What you are asked to do =
The span to repeat in the listing below runs from the line containing "Fric6 = [fc_6/2" to the line containing "J_FS4 = 4.97e-8", inclusive. Repeat it exactly, and only it.

/---

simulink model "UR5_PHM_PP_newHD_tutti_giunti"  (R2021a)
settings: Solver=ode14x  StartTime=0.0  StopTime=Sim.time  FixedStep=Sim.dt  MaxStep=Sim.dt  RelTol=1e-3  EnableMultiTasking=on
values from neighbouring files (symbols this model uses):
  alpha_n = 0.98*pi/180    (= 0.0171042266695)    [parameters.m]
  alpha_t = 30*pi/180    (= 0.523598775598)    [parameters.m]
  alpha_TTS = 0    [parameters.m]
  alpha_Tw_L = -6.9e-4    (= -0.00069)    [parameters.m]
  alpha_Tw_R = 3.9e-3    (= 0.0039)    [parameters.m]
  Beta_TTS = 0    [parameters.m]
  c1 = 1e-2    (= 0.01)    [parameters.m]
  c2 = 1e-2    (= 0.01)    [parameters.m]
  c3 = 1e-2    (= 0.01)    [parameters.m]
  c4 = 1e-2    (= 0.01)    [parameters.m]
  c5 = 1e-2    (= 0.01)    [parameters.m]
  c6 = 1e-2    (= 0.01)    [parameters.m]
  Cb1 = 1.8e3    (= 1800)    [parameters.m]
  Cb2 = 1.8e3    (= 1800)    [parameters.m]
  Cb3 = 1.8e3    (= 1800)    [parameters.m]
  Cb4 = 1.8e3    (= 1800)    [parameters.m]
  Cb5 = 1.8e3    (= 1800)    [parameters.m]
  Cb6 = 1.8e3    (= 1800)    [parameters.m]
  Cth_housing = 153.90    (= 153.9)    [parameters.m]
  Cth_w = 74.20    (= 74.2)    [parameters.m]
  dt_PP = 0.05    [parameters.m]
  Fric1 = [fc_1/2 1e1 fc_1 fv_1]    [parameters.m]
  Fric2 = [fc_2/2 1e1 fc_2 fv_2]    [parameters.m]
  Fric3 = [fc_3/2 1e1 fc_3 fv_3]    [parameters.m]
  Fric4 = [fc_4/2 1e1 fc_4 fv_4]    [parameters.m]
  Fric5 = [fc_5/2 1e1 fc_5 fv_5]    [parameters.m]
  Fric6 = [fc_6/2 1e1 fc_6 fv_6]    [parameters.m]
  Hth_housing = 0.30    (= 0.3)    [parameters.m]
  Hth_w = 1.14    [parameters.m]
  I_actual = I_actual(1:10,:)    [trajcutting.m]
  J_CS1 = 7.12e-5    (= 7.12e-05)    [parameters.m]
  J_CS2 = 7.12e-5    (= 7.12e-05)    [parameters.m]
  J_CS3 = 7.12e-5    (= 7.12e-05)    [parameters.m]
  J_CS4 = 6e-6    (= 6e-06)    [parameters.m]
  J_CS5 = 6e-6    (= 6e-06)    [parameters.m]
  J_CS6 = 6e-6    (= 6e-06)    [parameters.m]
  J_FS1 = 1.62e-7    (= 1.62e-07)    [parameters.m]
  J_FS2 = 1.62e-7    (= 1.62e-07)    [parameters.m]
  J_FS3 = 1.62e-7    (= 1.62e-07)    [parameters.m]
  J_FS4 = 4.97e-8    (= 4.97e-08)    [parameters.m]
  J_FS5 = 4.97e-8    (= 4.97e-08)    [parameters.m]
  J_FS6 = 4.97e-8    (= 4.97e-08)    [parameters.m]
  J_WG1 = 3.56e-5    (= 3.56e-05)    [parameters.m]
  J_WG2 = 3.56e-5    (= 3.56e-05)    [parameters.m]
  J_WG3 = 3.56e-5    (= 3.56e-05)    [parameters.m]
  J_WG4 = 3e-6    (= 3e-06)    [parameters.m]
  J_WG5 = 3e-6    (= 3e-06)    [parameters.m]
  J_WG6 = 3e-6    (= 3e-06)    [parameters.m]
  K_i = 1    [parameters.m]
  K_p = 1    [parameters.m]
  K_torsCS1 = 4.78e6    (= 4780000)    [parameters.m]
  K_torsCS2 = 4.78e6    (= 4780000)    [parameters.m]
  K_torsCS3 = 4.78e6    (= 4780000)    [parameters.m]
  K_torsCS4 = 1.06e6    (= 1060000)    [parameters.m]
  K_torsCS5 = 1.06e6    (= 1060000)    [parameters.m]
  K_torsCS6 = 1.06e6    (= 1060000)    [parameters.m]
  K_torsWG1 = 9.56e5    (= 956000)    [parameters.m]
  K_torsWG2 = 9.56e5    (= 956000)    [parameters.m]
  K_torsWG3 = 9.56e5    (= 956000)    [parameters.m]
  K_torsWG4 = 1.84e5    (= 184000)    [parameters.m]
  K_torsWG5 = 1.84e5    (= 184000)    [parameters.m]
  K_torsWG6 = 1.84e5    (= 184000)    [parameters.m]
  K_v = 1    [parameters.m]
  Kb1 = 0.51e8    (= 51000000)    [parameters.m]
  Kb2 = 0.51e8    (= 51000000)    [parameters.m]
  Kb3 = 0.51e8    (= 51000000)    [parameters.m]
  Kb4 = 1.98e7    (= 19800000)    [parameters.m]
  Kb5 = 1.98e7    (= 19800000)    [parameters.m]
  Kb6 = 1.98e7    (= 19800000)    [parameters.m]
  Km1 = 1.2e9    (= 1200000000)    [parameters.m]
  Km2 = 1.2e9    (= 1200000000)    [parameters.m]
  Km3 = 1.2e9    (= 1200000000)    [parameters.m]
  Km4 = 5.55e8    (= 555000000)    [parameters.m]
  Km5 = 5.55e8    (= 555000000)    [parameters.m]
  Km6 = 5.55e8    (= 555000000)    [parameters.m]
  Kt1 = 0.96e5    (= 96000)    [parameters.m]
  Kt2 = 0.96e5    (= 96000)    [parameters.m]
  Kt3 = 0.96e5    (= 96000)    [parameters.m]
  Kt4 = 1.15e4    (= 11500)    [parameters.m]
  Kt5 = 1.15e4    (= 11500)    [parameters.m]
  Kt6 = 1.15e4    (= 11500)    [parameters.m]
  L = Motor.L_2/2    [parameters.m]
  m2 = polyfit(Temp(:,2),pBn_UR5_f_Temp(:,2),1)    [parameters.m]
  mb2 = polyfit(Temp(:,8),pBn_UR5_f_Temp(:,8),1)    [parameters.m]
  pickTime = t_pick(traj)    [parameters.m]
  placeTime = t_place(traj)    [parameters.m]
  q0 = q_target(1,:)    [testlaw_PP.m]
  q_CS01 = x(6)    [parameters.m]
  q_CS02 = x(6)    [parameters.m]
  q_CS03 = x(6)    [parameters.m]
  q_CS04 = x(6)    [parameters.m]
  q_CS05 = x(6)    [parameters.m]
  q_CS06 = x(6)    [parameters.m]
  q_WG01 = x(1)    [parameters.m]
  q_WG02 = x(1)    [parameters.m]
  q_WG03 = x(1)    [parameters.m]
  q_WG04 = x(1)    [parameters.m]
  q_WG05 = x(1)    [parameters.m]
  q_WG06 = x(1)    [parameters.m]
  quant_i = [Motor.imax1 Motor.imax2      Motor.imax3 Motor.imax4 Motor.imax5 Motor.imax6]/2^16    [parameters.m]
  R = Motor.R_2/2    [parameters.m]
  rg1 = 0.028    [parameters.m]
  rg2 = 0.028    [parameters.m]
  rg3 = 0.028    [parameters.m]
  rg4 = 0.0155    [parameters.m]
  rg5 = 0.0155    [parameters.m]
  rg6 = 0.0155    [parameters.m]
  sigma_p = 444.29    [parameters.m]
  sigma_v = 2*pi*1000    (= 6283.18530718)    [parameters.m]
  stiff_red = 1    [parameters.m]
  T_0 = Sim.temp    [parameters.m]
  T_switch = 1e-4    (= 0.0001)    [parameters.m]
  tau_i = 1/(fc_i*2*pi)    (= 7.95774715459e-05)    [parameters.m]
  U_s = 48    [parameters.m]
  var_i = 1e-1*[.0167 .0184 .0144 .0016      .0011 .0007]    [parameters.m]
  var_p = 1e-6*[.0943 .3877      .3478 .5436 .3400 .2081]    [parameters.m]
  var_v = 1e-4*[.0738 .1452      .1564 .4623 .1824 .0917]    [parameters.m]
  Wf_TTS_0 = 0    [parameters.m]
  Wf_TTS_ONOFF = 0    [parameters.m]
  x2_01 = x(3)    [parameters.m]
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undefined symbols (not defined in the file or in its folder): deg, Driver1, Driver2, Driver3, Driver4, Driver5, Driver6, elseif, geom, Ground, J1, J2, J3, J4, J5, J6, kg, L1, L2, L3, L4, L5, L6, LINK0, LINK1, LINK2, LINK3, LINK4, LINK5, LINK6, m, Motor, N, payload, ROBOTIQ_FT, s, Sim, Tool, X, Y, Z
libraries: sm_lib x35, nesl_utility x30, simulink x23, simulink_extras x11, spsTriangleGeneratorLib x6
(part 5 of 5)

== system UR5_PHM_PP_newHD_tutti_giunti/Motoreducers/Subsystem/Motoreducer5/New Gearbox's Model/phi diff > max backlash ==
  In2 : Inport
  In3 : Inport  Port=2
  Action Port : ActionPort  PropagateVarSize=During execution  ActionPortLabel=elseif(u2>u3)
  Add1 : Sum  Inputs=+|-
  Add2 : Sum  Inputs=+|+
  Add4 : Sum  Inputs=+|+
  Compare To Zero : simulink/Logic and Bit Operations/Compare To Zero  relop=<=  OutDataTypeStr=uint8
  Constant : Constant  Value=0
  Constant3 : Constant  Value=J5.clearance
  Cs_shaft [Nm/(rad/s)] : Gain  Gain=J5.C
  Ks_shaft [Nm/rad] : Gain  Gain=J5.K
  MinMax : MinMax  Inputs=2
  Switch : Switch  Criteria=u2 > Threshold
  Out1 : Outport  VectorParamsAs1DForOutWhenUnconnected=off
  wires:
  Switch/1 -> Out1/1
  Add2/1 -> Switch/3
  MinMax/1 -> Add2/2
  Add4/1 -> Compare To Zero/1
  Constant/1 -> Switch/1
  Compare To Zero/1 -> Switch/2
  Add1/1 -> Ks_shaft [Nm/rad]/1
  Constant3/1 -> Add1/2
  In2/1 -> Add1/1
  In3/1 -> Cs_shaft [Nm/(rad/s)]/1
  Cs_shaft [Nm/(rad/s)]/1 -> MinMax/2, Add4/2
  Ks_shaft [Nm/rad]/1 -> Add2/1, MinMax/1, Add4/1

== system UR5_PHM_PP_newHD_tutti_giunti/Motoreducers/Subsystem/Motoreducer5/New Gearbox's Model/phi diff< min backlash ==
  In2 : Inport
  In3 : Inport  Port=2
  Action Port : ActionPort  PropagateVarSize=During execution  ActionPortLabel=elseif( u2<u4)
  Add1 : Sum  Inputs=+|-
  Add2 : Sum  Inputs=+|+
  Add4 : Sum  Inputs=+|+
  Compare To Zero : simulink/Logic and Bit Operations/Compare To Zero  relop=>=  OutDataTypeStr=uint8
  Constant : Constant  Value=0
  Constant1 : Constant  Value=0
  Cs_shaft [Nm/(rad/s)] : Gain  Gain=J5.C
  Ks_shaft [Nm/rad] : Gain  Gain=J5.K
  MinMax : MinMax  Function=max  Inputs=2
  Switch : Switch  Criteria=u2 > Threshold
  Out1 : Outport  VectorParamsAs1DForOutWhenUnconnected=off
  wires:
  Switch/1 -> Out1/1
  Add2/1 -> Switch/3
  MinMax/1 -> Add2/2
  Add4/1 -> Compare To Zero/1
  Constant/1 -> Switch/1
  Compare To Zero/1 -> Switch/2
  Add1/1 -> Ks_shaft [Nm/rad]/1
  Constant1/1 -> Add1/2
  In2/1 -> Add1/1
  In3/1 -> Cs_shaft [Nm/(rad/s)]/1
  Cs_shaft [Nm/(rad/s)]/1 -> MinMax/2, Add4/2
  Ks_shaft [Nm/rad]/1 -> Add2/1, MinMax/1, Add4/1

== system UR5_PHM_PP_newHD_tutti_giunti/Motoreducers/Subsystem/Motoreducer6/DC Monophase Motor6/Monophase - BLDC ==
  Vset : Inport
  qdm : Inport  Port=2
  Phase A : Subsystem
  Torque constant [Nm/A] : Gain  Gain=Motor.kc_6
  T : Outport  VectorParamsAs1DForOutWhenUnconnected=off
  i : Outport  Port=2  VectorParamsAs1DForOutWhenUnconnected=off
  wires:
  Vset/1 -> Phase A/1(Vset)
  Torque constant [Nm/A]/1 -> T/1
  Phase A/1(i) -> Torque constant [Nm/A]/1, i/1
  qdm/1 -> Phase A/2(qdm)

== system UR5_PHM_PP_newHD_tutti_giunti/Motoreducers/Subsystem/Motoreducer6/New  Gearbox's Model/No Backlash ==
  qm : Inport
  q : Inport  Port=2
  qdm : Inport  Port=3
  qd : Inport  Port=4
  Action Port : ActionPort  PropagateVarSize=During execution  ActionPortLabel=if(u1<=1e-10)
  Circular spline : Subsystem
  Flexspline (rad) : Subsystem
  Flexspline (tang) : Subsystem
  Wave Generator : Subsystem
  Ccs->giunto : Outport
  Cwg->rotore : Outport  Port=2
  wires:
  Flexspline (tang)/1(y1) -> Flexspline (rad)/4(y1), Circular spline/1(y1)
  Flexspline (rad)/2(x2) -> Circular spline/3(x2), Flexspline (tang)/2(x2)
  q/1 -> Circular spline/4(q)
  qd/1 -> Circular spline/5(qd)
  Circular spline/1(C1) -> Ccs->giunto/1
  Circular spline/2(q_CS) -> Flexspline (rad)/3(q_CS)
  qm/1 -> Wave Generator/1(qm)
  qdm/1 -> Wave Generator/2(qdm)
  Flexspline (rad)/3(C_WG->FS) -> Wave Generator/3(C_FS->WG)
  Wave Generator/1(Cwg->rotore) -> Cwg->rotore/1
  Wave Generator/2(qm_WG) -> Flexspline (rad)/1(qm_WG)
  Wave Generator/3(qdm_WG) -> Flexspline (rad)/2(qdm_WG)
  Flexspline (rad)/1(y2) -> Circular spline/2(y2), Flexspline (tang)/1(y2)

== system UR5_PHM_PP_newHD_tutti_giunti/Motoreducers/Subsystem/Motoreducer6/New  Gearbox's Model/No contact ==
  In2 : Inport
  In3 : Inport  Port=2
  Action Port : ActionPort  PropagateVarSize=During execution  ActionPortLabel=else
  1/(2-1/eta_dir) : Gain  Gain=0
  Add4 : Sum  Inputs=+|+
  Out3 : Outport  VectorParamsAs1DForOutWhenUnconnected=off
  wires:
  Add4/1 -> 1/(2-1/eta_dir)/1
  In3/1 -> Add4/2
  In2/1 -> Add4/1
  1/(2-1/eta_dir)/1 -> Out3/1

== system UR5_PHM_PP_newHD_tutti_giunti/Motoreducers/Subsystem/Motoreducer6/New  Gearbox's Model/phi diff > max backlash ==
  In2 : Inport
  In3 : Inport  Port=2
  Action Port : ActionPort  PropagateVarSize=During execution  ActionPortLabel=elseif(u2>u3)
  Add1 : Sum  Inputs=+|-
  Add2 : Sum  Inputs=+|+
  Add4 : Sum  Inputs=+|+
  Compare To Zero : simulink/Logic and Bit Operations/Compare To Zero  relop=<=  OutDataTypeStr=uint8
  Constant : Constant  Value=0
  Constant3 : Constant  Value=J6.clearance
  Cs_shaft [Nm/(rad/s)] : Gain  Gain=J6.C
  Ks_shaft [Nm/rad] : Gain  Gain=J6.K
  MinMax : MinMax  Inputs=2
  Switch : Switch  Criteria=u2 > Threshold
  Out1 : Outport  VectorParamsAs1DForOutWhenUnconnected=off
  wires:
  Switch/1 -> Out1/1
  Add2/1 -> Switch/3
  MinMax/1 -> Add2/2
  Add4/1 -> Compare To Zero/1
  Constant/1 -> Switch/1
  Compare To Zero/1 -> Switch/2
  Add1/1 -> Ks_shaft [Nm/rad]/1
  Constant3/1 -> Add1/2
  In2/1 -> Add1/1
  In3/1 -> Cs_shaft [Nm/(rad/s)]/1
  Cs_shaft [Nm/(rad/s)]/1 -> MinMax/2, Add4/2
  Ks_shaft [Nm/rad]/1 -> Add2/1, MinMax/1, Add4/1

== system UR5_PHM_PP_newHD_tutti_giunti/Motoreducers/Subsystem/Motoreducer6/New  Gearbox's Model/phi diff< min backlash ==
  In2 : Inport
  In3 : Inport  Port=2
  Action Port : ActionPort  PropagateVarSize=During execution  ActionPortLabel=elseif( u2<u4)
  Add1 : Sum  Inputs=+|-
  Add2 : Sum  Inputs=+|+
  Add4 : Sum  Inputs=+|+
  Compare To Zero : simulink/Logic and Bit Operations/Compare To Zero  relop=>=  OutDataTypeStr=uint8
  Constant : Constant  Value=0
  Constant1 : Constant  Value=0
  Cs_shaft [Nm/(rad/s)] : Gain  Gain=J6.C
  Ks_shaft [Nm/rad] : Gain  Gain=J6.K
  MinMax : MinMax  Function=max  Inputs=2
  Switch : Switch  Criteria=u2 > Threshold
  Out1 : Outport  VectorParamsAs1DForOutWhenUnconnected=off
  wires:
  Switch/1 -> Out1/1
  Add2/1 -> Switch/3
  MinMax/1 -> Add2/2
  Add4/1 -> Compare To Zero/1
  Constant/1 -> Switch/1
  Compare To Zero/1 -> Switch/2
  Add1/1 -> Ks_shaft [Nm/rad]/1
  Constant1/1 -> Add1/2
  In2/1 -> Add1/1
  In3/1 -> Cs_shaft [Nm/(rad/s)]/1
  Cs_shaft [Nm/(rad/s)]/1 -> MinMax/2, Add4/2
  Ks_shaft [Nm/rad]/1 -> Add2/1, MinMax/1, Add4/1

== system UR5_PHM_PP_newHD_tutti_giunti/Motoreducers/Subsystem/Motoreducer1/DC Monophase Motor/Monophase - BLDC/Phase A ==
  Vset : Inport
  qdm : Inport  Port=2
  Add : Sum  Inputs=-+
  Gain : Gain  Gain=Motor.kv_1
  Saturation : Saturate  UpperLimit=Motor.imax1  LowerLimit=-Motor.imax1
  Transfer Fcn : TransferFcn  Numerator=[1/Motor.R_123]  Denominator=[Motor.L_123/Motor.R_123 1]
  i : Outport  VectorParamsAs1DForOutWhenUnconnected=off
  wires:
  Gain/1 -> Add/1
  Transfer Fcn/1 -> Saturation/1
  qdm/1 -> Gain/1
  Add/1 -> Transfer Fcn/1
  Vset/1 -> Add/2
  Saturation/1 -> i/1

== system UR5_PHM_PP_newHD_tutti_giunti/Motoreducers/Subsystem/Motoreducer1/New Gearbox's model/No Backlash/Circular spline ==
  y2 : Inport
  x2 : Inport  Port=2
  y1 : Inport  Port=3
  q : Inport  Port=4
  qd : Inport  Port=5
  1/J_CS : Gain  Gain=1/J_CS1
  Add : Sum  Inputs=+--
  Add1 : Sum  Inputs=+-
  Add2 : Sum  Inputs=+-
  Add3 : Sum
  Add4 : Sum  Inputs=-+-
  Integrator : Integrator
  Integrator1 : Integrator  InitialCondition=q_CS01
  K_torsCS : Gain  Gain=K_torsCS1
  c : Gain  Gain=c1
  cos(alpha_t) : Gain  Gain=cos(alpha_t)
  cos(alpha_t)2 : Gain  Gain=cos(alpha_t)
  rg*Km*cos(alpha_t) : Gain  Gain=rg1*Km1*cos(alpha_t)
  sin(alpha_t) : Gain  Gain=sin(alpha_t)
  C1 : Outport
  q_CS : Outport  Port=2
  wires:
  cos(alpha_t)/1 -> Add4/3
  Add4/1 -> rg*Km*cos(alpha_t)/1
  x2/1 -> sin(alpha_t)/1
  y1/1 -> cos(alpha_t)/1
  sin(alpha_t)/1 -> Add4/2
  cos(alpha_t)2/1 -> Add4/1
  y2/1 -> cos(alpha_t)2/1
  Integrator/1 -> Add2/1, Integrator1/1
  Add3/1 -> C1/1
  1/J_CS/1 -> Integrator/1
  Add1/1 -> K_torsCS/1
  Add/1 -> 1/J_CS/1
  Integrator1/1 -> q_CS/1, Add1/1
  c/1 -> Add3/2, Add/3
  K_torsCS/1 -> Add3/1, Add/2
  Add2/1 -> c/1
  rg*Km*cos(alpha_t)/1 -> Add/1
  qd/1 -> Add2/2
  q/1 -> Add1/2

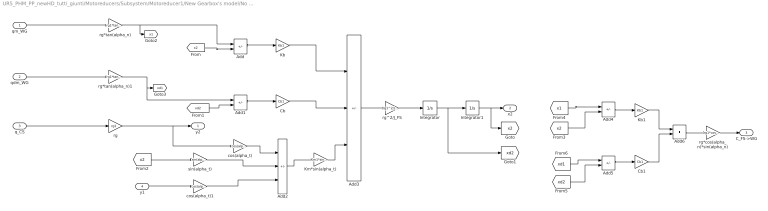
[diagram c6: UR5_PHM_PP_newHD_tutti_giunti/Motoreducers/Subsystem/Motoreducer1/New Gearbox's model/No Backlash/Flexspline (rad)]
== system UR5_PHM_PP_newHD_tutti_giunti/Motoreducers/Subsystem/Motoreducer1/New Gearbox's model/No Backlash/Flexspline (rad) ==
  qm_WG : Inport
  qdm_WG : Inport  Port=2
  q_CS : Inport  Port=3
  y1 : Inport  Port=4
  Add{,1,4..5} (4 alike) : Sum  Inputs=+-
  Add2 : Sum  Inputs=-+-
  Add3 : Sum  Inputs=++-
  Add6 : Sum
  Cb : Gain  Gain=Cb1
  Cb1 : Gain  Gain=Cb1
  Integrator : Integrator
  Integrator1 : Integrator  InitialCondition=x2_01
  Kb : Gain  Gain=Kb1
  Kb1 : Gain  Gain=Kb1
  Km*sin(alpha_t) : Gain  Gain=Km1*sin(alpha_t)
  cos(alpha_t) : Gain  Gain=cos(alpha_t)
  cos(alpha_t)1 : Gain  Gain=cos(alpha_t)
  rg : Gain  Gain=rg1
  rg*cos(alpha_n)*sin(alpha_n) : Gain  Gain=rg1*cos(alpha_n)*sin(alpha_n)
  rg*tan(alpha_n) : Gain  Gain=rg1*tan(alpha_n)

\---

Solution for this task =
  Fric6 = [fc_6/2 1e1 fc_6 fv_6]    [parameters.m]
  Hth_housing = 0.30    (= 0.3)    [parameters.m]
  Hth_w = 1.14    [parameters.m]
  I_actual = I_actual(1:10,:)    [trajcutting.m]
  J_CS1 = 7.12e-5    (= 7.12e-05)    [parameters.m]
  J_CS2 = 7.12e-5    (= 7.12e-05)    [parameters.m]
  J_CS3 = 7.12e-5    (= 7.12e-05)    [parameters.m]
  J_CS4 = 6e-6    (= 6e-06)    [parameters.m]
  J_CS5 = 6e-6    (= 6e-06)    [parameters.m]
  J_CS6 = 6e-6    (= 6e-06)    [parameters.m]
  J_FS1 = 1.62e-7    (= 1.62e-07)    [parameters.m]
  J_FS2 = 1.62e-7    (= 1.62e-07)    [parameters.m]
  J_FS3 = 1.62e-7    (= 1.62e-07)    [parameters.m]
  J_FS4 = 4.97e-8    (= 4.97e-08)    [parameters.m]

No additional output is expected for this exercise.